# Red Sea Max - WARNING DO NOT BUY



## TheSeaWitch

I have just joined this forum as whilst browsing the web researching the Red Sea company I came across a posting from this site appaulding Red Sea and their customer service and felt I had to add a different voice in regards to this company, their product and their performance.

Unfortunately I would suggest this is a one off customer service success story as I have been dealing with this company for 1 month now after my Red Sea Max tank failed twice in 5 months resulting in the total loss of two lots of breeding stock of seahorses, which I raise for conservation and to teach preschoolers and elementary students about the reef, captive breeding and aquaculturing.

So far the company has done very little to resolve the issue. They did offer to replace all the electricals but as I could not guarantee to not have another failure and they were unable to give me any direction as to what was wrong with the tank exactly, I could not in all honesty put myself through another loss of stock hence, I declined this offer. They spoke for a short period of time about reimbursing me for the stock (approx $1,000) but that seems to have fallen by the wayside and after speaking with someone in the comany to have them take the tank away at their cost, I have just been hit with a bill for $773.00 from FedEx for shipping the tank back to Red Sea. So I now find myself in the enviable position of having spent $900+ on the tank and stand, $1000+ on stock and $773 on shipping it back to them and now I have no tank, no stock and my ownership of the tank being less than 12 months.
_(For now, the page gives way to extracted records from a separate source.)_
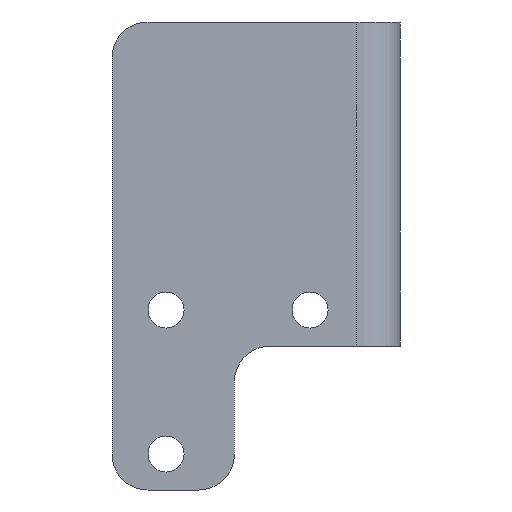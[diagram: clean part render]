
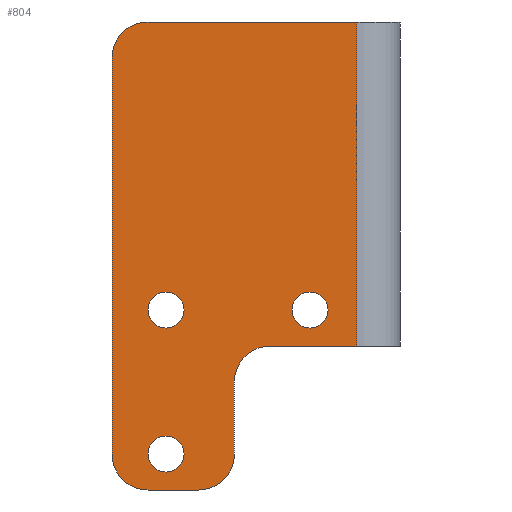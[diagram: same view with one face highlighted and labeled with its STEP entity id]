
A CAD part, left-side view. The second image highlights one B-rep face of the part: STEP entity #804.
In plain terms, the highlighted planar face has unit normal (-1, 0, 0).
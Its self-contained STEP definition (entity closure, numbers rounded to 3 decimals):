
#220=CARTESIAN_POINT('',(0.,32.5,5.));
#221=DIRECTION('',(-1.,0.,0.));
#222=DIRECTION('',(0.,-1.,0.));
#223=AXIS2_PLACEMENT_3D('',#220,#221,#222);
#225=CARTESIAN_POINT('',(0.,32.5,5.));
#226=DIRECTION('',(-1.,0.,0.));
#227=DIRECTION('',(0.,1.,0.));
#228=AXIS2_PLACEMENT_3D('',#225,#226,#227);
#230=CARTESIAN_POINT('',(0.,32.5,25.));
#231=DIRECTION('',(-1.,0.,0.));
#232=DIRECTION('',(0.,-1.,0.));
#233=AXIS2_PLACEMENT_3D('',#230,#231,#232);
#235=CARTESIAN_POINT('',(0.,32.5,25.));
#236=DIRECTION('',(-1.,0.,0.));
#237=DIRECTION('',(0.,1.,0.));
#238=AXIS2_PLACEMENT_3D('',#235,#236,#237);
#240=CARTESIAN_POINT('',(0.,12.5,25.));
#241=DIRECTION('',(-1.,0.,0.));
#242=DIRECTION('',(0.,-1.,0.));
#243=AXIS2_PLACEMENT_3D('',#240,#241,#242);
#245=CARTESIAN_POINT('',(0.,12.5,25.));
#246=DIRECTION('',(-1.,0.,0.));
#247=DIRECTION('',(0.,1.,0.));
#248=AXIS2_PLACEMENT_3D('',#245,#246,#247);
#250=CARTESIAN_POINT('',(0.,35.,5.));
#251=DIRECTION('',(-1.,0.,0.));
#252=DIRECTION('',(0.,1.,0.));
#253=AXIS2_PLACEMENT_3D('',#250,#251,#252);
#255=DIRECTION('',(0.,0.,1.));
#256=VECTOR('',#255,55.);
#257=CARTESIAN_POINT('',(0.,40.,5.));
#258=LINE('',#257,#256);
#259=CARTESIAN_POINT('',(0.,35.,60.));
#260=DIRECTION('',(-1.,0.,0.));
#261=DIRECTION('',(0.,0.,1.));
#262=AXIS2_PLACEMENT_3D('',#259,#260,#261);
#264=DIRECTION('',(0.,0.,-1.));
#265=VECTOR('',#264,45.);
#266=CARTESIAN_POINT('',(0.,6.,65.));
#267=LINE('',#266,#265);
#268=DIRECTION('',(0.,1.,0.));
#269=VECTOR('',#268,12.);
#270=CARTESIAN_POINT('',(0.,6.,20.));
#271=LINE('',#270,#269);
#272=DIRECTION('',(0.,0.,1.));
#273=VECTOR('',#272,10.);
#274=CARTESIAN_POINT('',(0.,23.,5.));
#275=LINE('',#274,#273);
#276=CARTESIAN_POINT('',(0.,28.,5.));
#277=DIRECTION('',(-1.,0.,0.));
#278=DIRECTION('',(0.,0.,-1.));
#279=AXIS2_PLACEMENT_3D('',#276,#277,#278);
#305=DIRECTION('',(0.,-1.,0.));
#306=VECTOR('',#305,7.);
#307=CARTESIAN_POINT('',(0.,35.,0.));
#308=LINE('',#307,#306);
#325=CARTESIAN_POINT('',(0.,18.,15.));
#326=DIRECTION('',(1.,0.,0.));
#327=DIRECTION('',(0.,1.,0.));
#328=AXIS2_PLACEMENT_3D('',#325,#326,#327);
#359=DIRECTION('',(0.,-1.,0.));
#360=VECTOR('',#359,29.);
#361=CARTESIAN_POINT('',(0.,35.,65.));
#362=LINE('',#361,#360);
#363=CARTESIAN_POINT('',(0.,6.,65.));
#365=VERTEX_POINT('',#363);
#387=CARTESIAN_POINT('',(0.,40.,5.));
#388=CARTESIAN_POINT('',(0.,35.,0.));
#389=VERTEX_POINT('',#387);
#390=VERTEX_POINT('',#388);
#395=CARTESIAN_POINT('',(0.,35.,65.));
#396=CARTESIAN_POINT('',(0.,40.,60.));
#397=VERTEX_POINT('',#395);
#398=VERTEX_POINT('',#396);
#403=CARTESIAN_POINT('',(0.,30.,5.));
#404=CARTESIAN_POINT('',(0.,35.,5.));
#405=VERTEX_POINT('',#403);
#406=VERTEX_POINT('',#404);
#411=CARTESIAN_POINT('',(0.,30.,25.));
#412=CARTESIAN_POINT('',(0.,35.,25.));
#413=VERTEX_POINT('',#411);
#414=VERTEX_POINT('',#412);
#419=CARTESIAN_POINT('',(0.,10.,25.));
#420=CARTESIAN_POINT('',(0.,15.,25.));
#421=VERTEX_POINT('',#419);
#422=VERTEX_POINT('',#420);
#435=CARTESIAN_POINT('',(0.,6.,20.));
#436=VERTEX_POINT('',#435);
#443=CARTESIAN_POINT('',(0.,23.,15.));
#445=VERTEX_POINT('',#443);
#447=CARTESIAN_POINT('',(0.,18.,20.));
#449=VERTEX_POINT('',#447);
#459=CARTESIAN_POINT('',(0.,28.,0.));
#460=CARTESIAN_POINT('',(0.,23.,5.));
#461=VERTEX_POINT('',#459);
#462=VERTEX_POINT('',#460);
#761=CARTESIAN_POINT('',(0.,40.,0.));
#762=DIRECTION('',(-1.,0.,0.));
#763=DIRECTION('',(0.,-1.,0.));
#764=AXIS2_PLACEMENT_3D('',#761,#762,#763);
#765=PLANE('',#764);
#767=ORIENTED_EDGE('',*,*,#766,.F.);
#769=ORIENTED_EDGE('',*,*,#768,.T.);
#771=ORIENTED_EDGE('',*,*,#770,.F.);
#773=ORIENTED_EDGE('',*,*,#772,.T.);
#774=ORIENTED_EDGE('',*,*,#602,.T.);
#776=ORIENTED_EDGE('',*,*,#775,.T.);
#778=ORIENTED_EDGE('',*,*,#777,.F.);
#780=ORIENTED_EDGE('',*,*,#779,.F.);
#782=ORIENTED_EDGE('',*,*,#781,.F.);
#784=ORIENTED_EDGE('',*,*,#783,.F.);
#785=EDGE_LOOP('',(#767,#769,#771,#773,#774,#776,#778,#780,#782,#784));
#786=FACE_OUTER_BOUND('',#785,.F.);
#788=ORIENTED_EDGE('',*,*,#787,.T.);
#790=ORIENTED_EDGE('',*,*,#789,.T.);
#791=EDGE_LOOP('',(#788,#790));
#792=FACE_BOUND('',#791,.F.);
#794=ORIENTED_EDGE('',*,*,#793,.T.);
#796=ORIENTED_EDGE('',*,*,#795,.T.);
#797=EDGE_LOOP('',(#794,#796));
#798=FACE_BOUND('',#797,.F.);
#799=ORIENTED_EDGE('',*,*,#751,.T.);
#801=ORIENTED_EDGE('',*,*,#800,.T.);
#802=EDGE_LOOP('',(#799,#801));
#803=FACE_BOUND('',#802,.F.);
#804=ADVANCED_FACE('',(#786,#792,#798,#803),#765,.T.);
#224=CIRCLE('',#223,2.5);
#229=CIRCLE('',#228,2.5);
#234=CIRCLE('',#233,2.5);
#239=CIRCLE('',#238,2.5);
#244=CIRCLE('',#243,2.5);
#249=CIRCLE('',#248,2.5);
#254=CIRCLE('',#253,5.);
#263=CIRCLE('',#262,5.);
#280=CIRCLE('',#279,5.);
#329=CIRCLE('',#328,5.);
#602=EDGE_CURVE('',#365,#436,#267,.T.);
#751=EDGE_CURVE('',#405,#406,#224,.T.);
#766=EDGE_CURVE('',#389,#390,#254,.T.);
#768=EDGE_CURVE('',#389,#398,#258,.T.);
#770=EDGE_CURVE('',#397,#398,#263,.T.);
#772=EDGE_CURVE('',#397,#365,#362,.T.);
#775=EDGE_CURVE('',#436,#449,#271,.T.);
#777=EDGE_CURVE('',#445,#449,#329,.T.);
#779=EDGE_CURVE('',#462,#445,#275,.T.);
#781=EDGE_CURVE('',#461,#462,#280,.T.);
#783=EDGE_CURVE('',#390,#461,#308,.T.);
#787=EDGE_CURVE('',#413,#414,#234,.T.);
#789=EDGE_CURVE('',#414,#413,#239,.T.);
#793=EDGE_CURVE('',#421,#422,#244,.T.);
#795=EDGE_CURVE('',#422,#421,#249,.T.);
#800=EDGE_CURVE('',#406,#405,#229,.T.);

Hence, DO NOT BUY RED SEA. The tanks are unreliable, the company's customer service and QA is totally non existent and it would appear that whilst they talk a good game on the phone they really DO NOT stand by their product as suggested.

Today Red Sea will receive another scathing note from myself asking for an explanation as to this latest debarcle in what is becoming an increasingly aggrivating situation.


----------



## Cody

Wow, good to know. I have seen many people who love their RSM's, and I was planning on getting one in December. I know that a full-on report like this is way more helpful thn seeing people's tanks.

Guess it's the Solana now. :roll:


----------



## herefishy

I must be lucky to have lfs's fight those battles for me. Shame you don't.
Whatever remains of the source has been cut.